Section 67 of IT Act given below 


> 67. Publishing of information which is obscene in electronic form. - Whoever publishes or transmits or causes to be published in the electronic form, any material which is lascivious or appeal to the prurient interest or if its effect is such as to tend to deprave and corrupt persons who are likely, having regard to all relevant circumstances, to read, see or hear the matter contained or embodied in it, shall be punished on first conviction with imprisonment of either description for a term which may extend to five years and with fine which may extend to one lakh rupees and in the event of a second or subsequent conviction with imprisonment of either description for a term which may extend to ten years and also with fine which may extend to two lakh rupees.

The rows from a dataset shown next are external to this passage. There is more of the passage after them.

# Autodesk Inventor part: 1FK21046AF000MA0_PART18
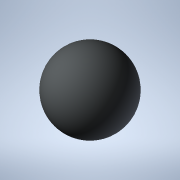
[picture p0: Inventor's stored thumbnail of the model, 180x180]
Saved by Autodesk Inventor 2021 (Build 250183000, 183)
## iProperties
Created: 2025-04
Part Number: 1FK21046AF000MA0_PART18
Material: Generic
Catalog Web Link: www.3dfindit.com
Description: -Servo synchronous motor
Document SubType Name: Modeling
Designer: psAdmin
Mass: 0.137258 g
Surface Area: 1.2868 cm^2
Volume: 0.137258 cm^3
Density: 1 g/cm^3
Appearance: PSOLRGB-212-217-219
Category: PARTsolutions
Title: 1FK21046AF000MA0_PART18
Author: Cadenas PARTsolutions
Comments: Servo synchronous motor
Sending System: PARTsolutions
Preprocessor: ST-DEVELOPER v19.3
PSOL_IDENT_0: {$CADENAS_DATA/23d-libs/siemens_ag/_cat_/1c/1f/1fk21046af000ma0.prj},216 {VTYP=3D},{NB=1FK21046AF000
PSOL_IDENT_1: MA0_PART18},{LINA=1FK21046AF000MA0_PART18},{NN=1FK21046AF000MA0_PART18},{NOPRJ=TRUE},{DATE=19.08.202
PSOL_IDENT_2: 5 14:00:28},{GEOMDATE=30.07.2025 02:02:08},{VERSION=},{LINEID=10},{WBVAR=},{WBNUMERIC=}  {NB=1FK2104
PSOL_IDENT_3: 6AF000MA0_PART18},{LINA=1FK21046AF000MA0_PART18},{KT=DUMMY},{PREVIEW=../../../_pool_/cb/72/p_d211_xx
PSOL_IDENT_4: _00434j.png},{DESCSHORT=SIMOTICS S-1FK2 HD, SINAMICS S210 3AC 400V-480V, 3.2 Nm, 3000 rpm},{DESCLONG=
PSOL_IDENT_5: SIMOTICS S-1FK2 HD servo motor M0=3.2 Nm; PN = 1 kW at nN=3000 rpm (380-480 V); PN = 0.5 kW at nN=15
PSOL_IDENT_6: 00 rpm (200-240 V); degree of protection IP64; cylindrical shaft D19x40mm; absolute encoder 22-bit +
PSOL_IDENT_7: 12-bit multiturn (encoder AM22DQC); with OCC interface; plug size M17, rotatable; SIMOTICS S-1FK2 s
PSOL_IDENT_8: ervomotorfor a wide range of uses in industrial environments. SIMOTICS S‑1FK2 servomotors are compac
PSOL_IDENT_9: t synchronous motors with a high dynamic performance that set themselves apart as a result of their
PSOL_IDENT_10: high power density, degree of protection and overload capability. The motors are available in two va
PSOL_IDENT_11: riants: as High Dynamic variant (highest dynamic performance as a result of the low intrinsic moment
PSOL_IDENT_12: of inertia for applications demanding a high dynamic performance with low moved masses) - and as Co
PSOL_IDENT_13: mpact variant (precise and stable closed-loop control for medium up to large moved masses as a resul
PSOL_IDENT_14: t of a medium intrinsic moment of inertia). SIMOTICSS‑1FK2 servomotors fully exploit their strengths
PSOL_IDENT_15: in a system with the SINAMICSS210 frequency converter and simple connection using the one cable con
PSOL_IDENT_16: nection (OCC). Advantages include the short control and positioning times, fast and precise correcti
PSOL_IDENT_17: on of disturbing quantities as well as stable control with a high dynamic performance. The servo mot
PSOL_IDENT_18: ors can be configured to address a wide range of requirements. For example with and without holding
PSOL_IDENT_19: brake, IP64 or IP65 degree of protection, singleturn or multiturn absolute encoders - to name just a
PSOL_IDENT_20: few. Further, the servomotors are available in different shaft heights extending from 20 to 100. A
PSOL_IDENT_21: shaft sealing ring is available to achieve an IP65 degree of protection and for subsequent mounting
PSOL_IDENT_22: at the motor or as spare part. SIMOTICS - the optimum motor for each and every motion control applic
PSOL_IDENT_23: ation.},{INTNO=195125049666},{SUPPLIERALTNO=1FK2104-6AF00-0MA0},{MANUID=1FK21046AF000MA0},{MANUNAME=
PSOL_IDENT_24: Siemens},{MANUTYPEDESC=Synchronous motor 1FK2-HD 3.2 NM},{AAU732=SIMOTICS},{AAO057=S-1FK2},{AAU734=S
PSOL_IDENT_25: IMOTICS S-1FK2 HD servo motor M0=3.2 Nm; PN = 1 kW at nN=3000 rpm (380-480 V); PN = 0.5 kW at nN=150
PSOL_IDENT_26: 0 rpm (200-240 V); degree of protection IP64; cylindrical shaft D19x40mm; absolute encoder 22-bit +
PSOL_IDENT_27: 12-bit multiturn (encoder AM22DQC); with OCC interface; plug size M17, rotatable;},{AAW338=Synchrono
PSOL_IDENT_28: us motor 1FK2-HD 3.2 NM},{AAO742=SIMOTICS},{AAO663=4042948694374},{NOCUPEROU=1},{PRICEQUANTITY=1},{Q
PSOL_IDENT_29: UANTITYMIN=1},{QUANTITYINT=1},{CTN=85015220},{COO=DE},{AAO676=1FK2104-6AF00-0MA0},{AAO677=Siemens AG
PSOL_IDENT_30: },{ORDERUNIT=C62},{CONTENTUNIT=C62}
NB: 1FK21046AF000MA0_PART18
NT: Servo synchronous motor
NBSYN: $MANUID._PART18
LINA: 1FK21046AF000MA0_PART18
CATALOG: SIEMENS
PREVIEW: ../../../_pool_/cb/72/p_d211_xx_00434j.png
DESCSHORT: SIMOTICS S-1FK2 HD, SINAMICS S210 3AC 400V-480V, 3.2 Nm, 3000 rpm
DESCLONG: SIMOTICS S-1FK2 HD servo motor M0=3.2 Nm; PN = 1 kW at nN=3000 rpm (380-480 V); PN = 0.5 kW at nN=1500 rpm (200-240 V); degree of protection IP64; cylindrical s
INTNO: 195125049666
SUPPLIERALTNO: 1FK2104-6AF00-0MA0
MANUID: 1FK21046AF000MA0
MANUNAME: Siemens
MANUTYPEDESC: Synchronous motor 1FK2-HD 3.2 NM
AAU732: SIMOTICS
AAO057: S-1FK2
AAU734: SIMOTICS S-1FK2 HD servo motor M0=3.2 Nm; PN = 1 kW at nN=3000 rpm (380-480 V); PN = 0.5 kW at nN=1500 rpm (200-240 V); degree of protection IP64; cylindrical s
AAW338: Synchronous motor 1FK2-HD 3.2 NM
AAO742: SIMOTICS
AAO663: 4042948694374.0
NOCUPEROU: 1
PRICEQUANTITY: 1
QUANTITYMIN: 1
QUANTITYINT: 1
CTN: 85015220
COO: DE
ARTICLENO: 1FK21046AF000MA0_PART18
BOMINFO: 1FK21046AF000MA0_PART18
CREATOR: CADENAS GmbH
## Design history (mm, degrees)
feature "2025_04_17_15_39_11_0412"
body "Solid1"

He must have obviously posted something very interesting to deserve that.



> I think the person can make counter case against Sonia Gandhi, by quoting some statement of Sonia Gandhi and calling it defamation.



Good Luck with that.


----------



## din (May 21, 2008)

So making a community like - I hate Mr.abcd - is a crime ? 

I remember someone making an "I hate XXXXX" community ( XXXXX being the name of an SFI leader - a lady) in Orkut and Kerala Police arrested two people behind it and newspapers gave confusing reasons - some said it is coz of the community they created, some says they created fake profile of the lady etc. anyway do not know what happened to them.

[Edit]

After re-reading the first post -"An *obscene message* about ..."

Hmm, in that case I think the guy deserve it.


----------



## victor_rambo (May 21, 2008)

I don't know what you people are miffed about? He posted not his 'opinion' but an 'obscene' message, which is a crime. So it is obvious that he will face some action for it.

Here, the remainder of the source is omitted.